Funding environment remains difficult
While Upstart received $4 billion in committed capital earlier when it was announced in 1Q23, management commented that the funding environment remains difficult.
Despite the improvement in funding dynamics, the consumer demand for loans continue to outstrip the supply or funding for loans. In addition, the ABS markets still continue to be muted and, as regional banks typically made up about 25% of Upstart's funding, the funding levels from regional banks will likely remain low for the rest of 2023.
The company continues to be in discussions with multiple other funding partners to add to its long-term capital funding of the business.
Plans in the near term and other initiatives
In terms of funding, the company is not just in discussions with other long-term, committed capital partners, but also planning to tap into the ABS markets in the near-term with its better performing vintages. This includes the vintages that were originated on or after October 2022.

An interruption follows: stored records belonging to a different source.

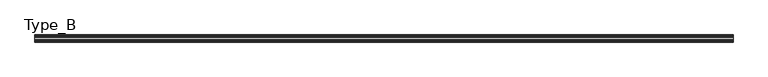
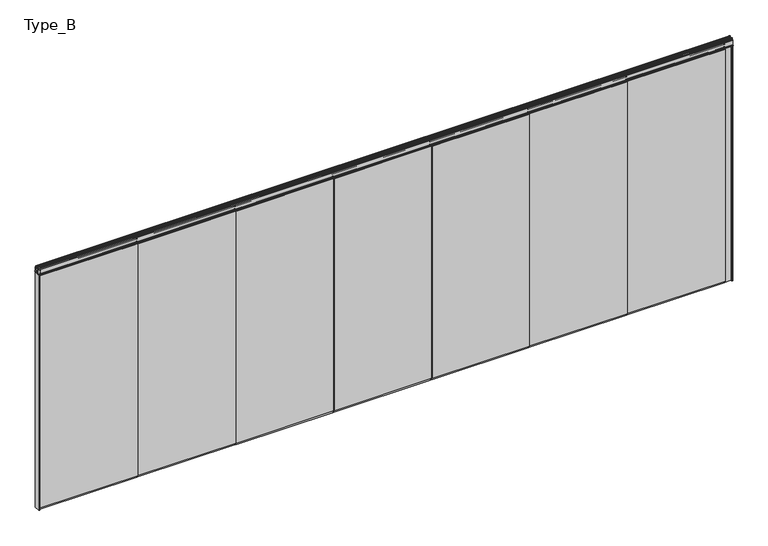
"""IFC4 building model written with IfcOpenShell, lengths in millimetres: proxy geometry, Planner Wall フラッシュパネル(NO Door) : Type_B."""

from ifc_helpers import new_model, si_unit, point, frame, frame_2d, origin, origin_with_axes, place, context, project, spatial, polyline, circle_curve, trimmed, segment, composite_curve, outline, extrude, source, transform, mapped, element, save


def type_b_39922017(model_context):
    return source(origin(), model_context, "Body", "SweptSolid", [
        extrude(outline(polyline([(-1053.6428571, 25.0), (-2223.5, 25.0), (-2223.5, 35.0), (-1053.6428571, 35.0), (-1053.6428571, 25.0)])), frame((0.0, 0.0, 25.0), z_axis=(0.0, 0.0, 1.0), x_axis=(1.0, 0.0, 0.0)), (0.0, 0.0, 1.0), 2950.0),
        extrude(outline(polyline([(-1053.6428571, -35.0), (-2223.5, -35.0), (-2223.5, -25.0), (-1053.6428571, -25.0), (-1053.6428571, -35.0)])), frame((0.0, 0.0, 25.0), z_axis=(0.0, 0.0, 1.0), x_axis=(1.0, 0.0, 0.0)), (0.0, 0.0, 1.0), 2950.0),
        extrude(outline(polyline([(-2223.5, -25.0), (-2223.5, 25.0), (-1059.1428571, 25.0), (-1059.1428571, -25.0), (-2223.5, -25.0)])), origin_with_axes(), (0.0, 0.0, 1.0), 65.0),
        extrude(outline(composite_curve([segment(polyline([(23.5, 3050.1000003), (26.5, 3047.1000003), (26.5, 3032.6)]), True, "CONTINUOUS"), segment(trimmed(circle_curve(frame_2d((25.0, 3032.6)), 1.5), [point((26.5, 3032.6))], [point((25.0, 3031.1))], False, "CARTESIAN"), True, "CONTINUOUS"), segment(polyline([(25.0, 3031.1), (9.0, 3031.1), (9.0, 3019.1000003), (23.5, 3019.1000003), (26.5, 3016.1000003), (26.5, 3001.5)]), True, "CONTINUOUS"), segment(trimmed(circle_curve(frame_2d((25.0, 3001.5)), 1.5), [point((26.5, 3001.5))], [point((25.0, 3000.0))], False, "CARTESIAN"), True, "CONTINUOUS"), segment(polyline([(25.0, 3000.0), (7.5, 3000.0), (7.5, 2994.5), (25.0, 2994.5), (25.0, 2935.0), (-25.0, 2935.0), (-25.0, 2994.5), (-7.5, 2994.5), (-7.5, 3000.0), (-25.0, 3000.0)]), True, "CONTINUOUS"), segment(trimmed(circle_curve(frame_2d((-25.0, 3001.5)), 1.5), [point((-25.0, 3000.0))], [point((-26.5, 3001.5))], False, "CARTESIAN"), True, "CONTINUOUS"), segment(polyline([(-26.5, 3001.5), (-26.5, 3016.1000003), (-23.5, 3019.1000003), (-9.0, 3019.1000003), (-9.0, 3031.1), (-25.0, 3031.1)]), True, "CONTINUOUS"), segment(trimmed(circle_curve(frame_2d((-25.0, 3032.6)), 1.5), [point((-25.0, 3031.1))], [point((-26.5, 3032.6))], False, "CARTESIAN"), True, "CONTINUOUS"), segment(polyline([(-26.5, 3032.6), (-26.5, 3047.1000003), (-23.5, 3050.1000003), (23.5, 3050.1000003)]), True, "CONTINUOUS")], self_intersect=False)), frame((-2223.5, 0.0, 0.0), z_axis=(1.0, 0.0, 0.0), x_axis=(0.0, 1.0, 0.0)), (0.0, 0.0, 1.0), 1169.8571429),
        extrude(outline(polyline([(-2237.0, -25.0), (-2237.0, 25.0), (-2223.5, 25.0), (-2223.5, -25.0), (-2237.0, -25.0)])), frame((0.0, 0.0, 53.0), z_axis=(0.0, 0.0, 1.0), x_axis=(1.0, 0.0, 0.0)), (0.0, 0.0, 1.0), 2869.0),
        extrude(outline(polyline([(124.2142857, 25.0), (-1045.6428571, 25.0), (-1045.6428571, 35.0), (124.2142857, 35.0), (124.2142857, 25.0)])), frame((0.0, 0.0, 25.0), z_axis=(0.0, 0.0, 1.0), x_axis=(1.0, 0.0, 0.0)), (0.0, 0.0, 1.0), 2950.0),
        extrude(outline(polyline([(124.2142857, -35.0), (-1045.6428571, -35.0), (-1045.6428571, -25.0), (124.2142857, -25.0), (124.2142857, -35.0)])), frame((0.0, 0.0, 25.0), z_axis=(0.0, 0.0, 1.0), x_axis=(1.0, 0.0, 0.0)), (0.0, 0.0, 1.0), 2950.0),
        extrude(outline(polyline([(-1045.6428571, -25.0), (-1045.6428571, 25.0), (118.7142857, 25.0), (118.7142857, -25.0), (-1045.6428571, -25.0)])), origin_with_axes(), (0.0, 0.0, 1.0), 65.0),
        extrude(outline(composite_curve([segment(polyline([(23.5, 3050.1000003), (26.5, 3047.1000003), (26.5, 3032.6)]), True, "CONTINUOUS"), segment(trimmed(circle_curve(frame_2d((25.0, 3032.6)), 1.5), [point((26.5, 3032.6))], [point((25.0, 3031.1))], False, "CARTESIAN"), True, "CONTINUOUS"), segment(polyline([(25.0, 3031.1), (9.0, 3031.1), (9.0, 3019.1000003), (23.5, 3019.1000003), (26.5, 3016.1000003), (26.5, 3001.5)]), True, "CONTINUOUS"), segment(trimmed(circle_curve(frame_2d((25.0, 3001.5)), 1.5), [point((26.5, 3001.5))], [point((25.0, 3000.0))], False, "CARTESIAN"), True, "CONTINUOUS"), segment(polyline([(25.0, 3000.0), (7.5, 3000.0), (7.5, 2994.5), (25.0, 2994.5), (25.0, 2935.0), (-25.0, 2935.0), (-25.0, 2994.5), (-7.5, 2994.5), (-7.5, 3000.0), (-25.0, 3000.0)]), True, "CONTINUOUS"), segment(trimmed(circle_curve(frame_2d((-25.0, 3001.5)), 1.5), [point((-25.0, 3000.0))], [point((-26.5, 3001.5))], False, "CARTESIAN"), True, "CONTINUOUS"), segment(polyline([(-26.5, 3001.5), (-26.5, 3016.1000003), (-23.5, 3019.1000003), (-9.0, 3019.1000003), (-9.0, 3031.1), (-25.0, 3031.1)]), True, "CONTINUOUS"), segment(trimmed(circle_curve(frame_2d((-25.0, 3032.6)), 1.5), [point((-25.0, 3031.1))], [point((-26.5, 3032.6))], False, "CARTESIAN"), True, "CONTINUOUS"), segment(polyline([(-26.5, 3032.6), (-26.5, 3047.1000003), (-23.5, 3050.1000003), (23.5, 3050.1000003)]), True, "CONTINUOUS")], self_intersect=False)), frame((-1045.6428571, 0.0, 0.0), z_axis=(1.0, 0.0, 0.0), x_axis=(0.0, 1.0, 0.0)), (0.0, 0.0, 1.0), 1169.8571429),
        extrude(outline(polyline([(-1059.1428571, -25.0), (-1059.1428571, 25.0), (-1045.6428571, 25.0), (-1045.6428571, -25.0), (-1059.1428571, -25.0)])), frame((0.0, 0.0, 53.0), z_axis=(0.0, 0.0, 1.0), x_axis=(1.0, 0.0, 0.0)), (0.0, 0.0, 1.0), 2869.0),
        extrude(outline(polyline([(1302.0714286, 25.0), (132.2142857, 25.0), (132.2142857, 35.0), (1302.0714286, 35.0), (1302.0714286, 25.0)])), frame((0.0, 0.0, 25.0), z_axis=(0.0, 0.0, 1.0), x_axis=(1.0, 0.0, 0.0)), (0.0, 0.0, 1.0), 2950.0),
        extrude(outline(polyline([(1302.0714286, -35.0), (132.2142857, -35.0), (132.2142857, -25.0), (1302.0714286, -25.0), (1302.0714286, -35.0)])), frame((0.0, 0.0, 25.0), z_axis=(0.0, 0.0, 1.0), x_axis=(1.0, 0.0, 0.0)), (0.0, 0.0, 1.0), 2950.0),
        extrude(outline(polyline([(132.2142857, -25.0), (132.2142857, 25.0), (1296.5714286, 25.0), (1296.5714286, -25.0), (132.2142857, -25.0)])), origin_with_axes(), (0.0, 0.0, 1.0), 65.0),
        extrude(outline(composite_curve([segment(polyline([(23.5, 3050.1000003), (26.5, 3047.1000003), (26.5, 3032.6)]), True, "CONTINUOUS"), segment(trimmed(circle_curve(frame_2d((25.0, 3032.6)), 1.5), [point((26.5, 3032.6))], [point((25.0, 3031.1))], False, "CARTESIAN"), True, "CONTINUOUS"), segment(polyline([(25.0, 3031.1), (9.0, 3031.1), (9.0, 3019.1000003), (23.5, 3019.1000003), (26.5, 3016.1000003), (26.5, 3001.5)]), True, "CONTINUOUS"), segment(trimmed(circle_curve(frame_2d((25.0, 3001.5)), 1.5), [point((26.5, 3001.5))], [point((25.0, 3000.0))], False, "CARTESIAN"), True, "CONTINUOUS"), segment(polyline([(25.0, 3000.0), (7.5, 3000.0), (7.5, 2994.5), (25.0, 2994.5), (25.0, 2935.0), (-25.0, 2935.0), (-25.0, 2994.5), (-7.5, 2994.5), (-7.5, 3000.0), (-25.0, 3000.0)]), True, "CONTINUOUS"), segment(trimmed(circle_curve(frame_2d((-25.0, 3001.5)), 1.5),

In terms of the use of its committed capital, Upstart's management expects to be using this to fund about 50% of its originations over a period of time.
Management highlighted that their priorities for capital allocation.
Firstly, R&D will take priority, especially for Upstart's new HELOC product . Secondly, Upstart will then do stock or convertible bond buybacks. Lastly, management will continue acquisitions that will help improve the company's roadmap. Apart from HELOC, Upstart is also interested in expanding into non-qualifying purchase mortgages.
Valuation
Upstart is trading at 60x 2024 P/E based on today's prices.
I do think that at this valuation, there is insufficient margin of safety for me to recommend members of Outperforming the Market to enter.
I would emphasize that the higher and richer the valuation of the stock, the lower the implied future returns.
As such, I reiterate my entry price of $19.67, which can be found in The Price Target Report. This entry price would imply a 37x P/E, which would be more reasonable and with a sufficient margin of safety.
Conclusion
I think the recent conversations with Upstart prove that the company is well positioned and ahead of competition as an AI lender.
In addition, while the worst is over for the sub-prime market, the funding environment remains difficult.
However, Upstart is focused on its business, as it has been investing in its technology, improving its processes and AI models and positioning the business for the rebound when the macroeconomic environment improves.
As I have mentioned earlier, I remain optimistic about Upstart's long-term opportunity. While the recent price action have shown us that we made the right call in being contrarian since 28 December 2022, I do think that entering a position into Upstart Holdings, Inc. stock at these levels offer no margin of safety.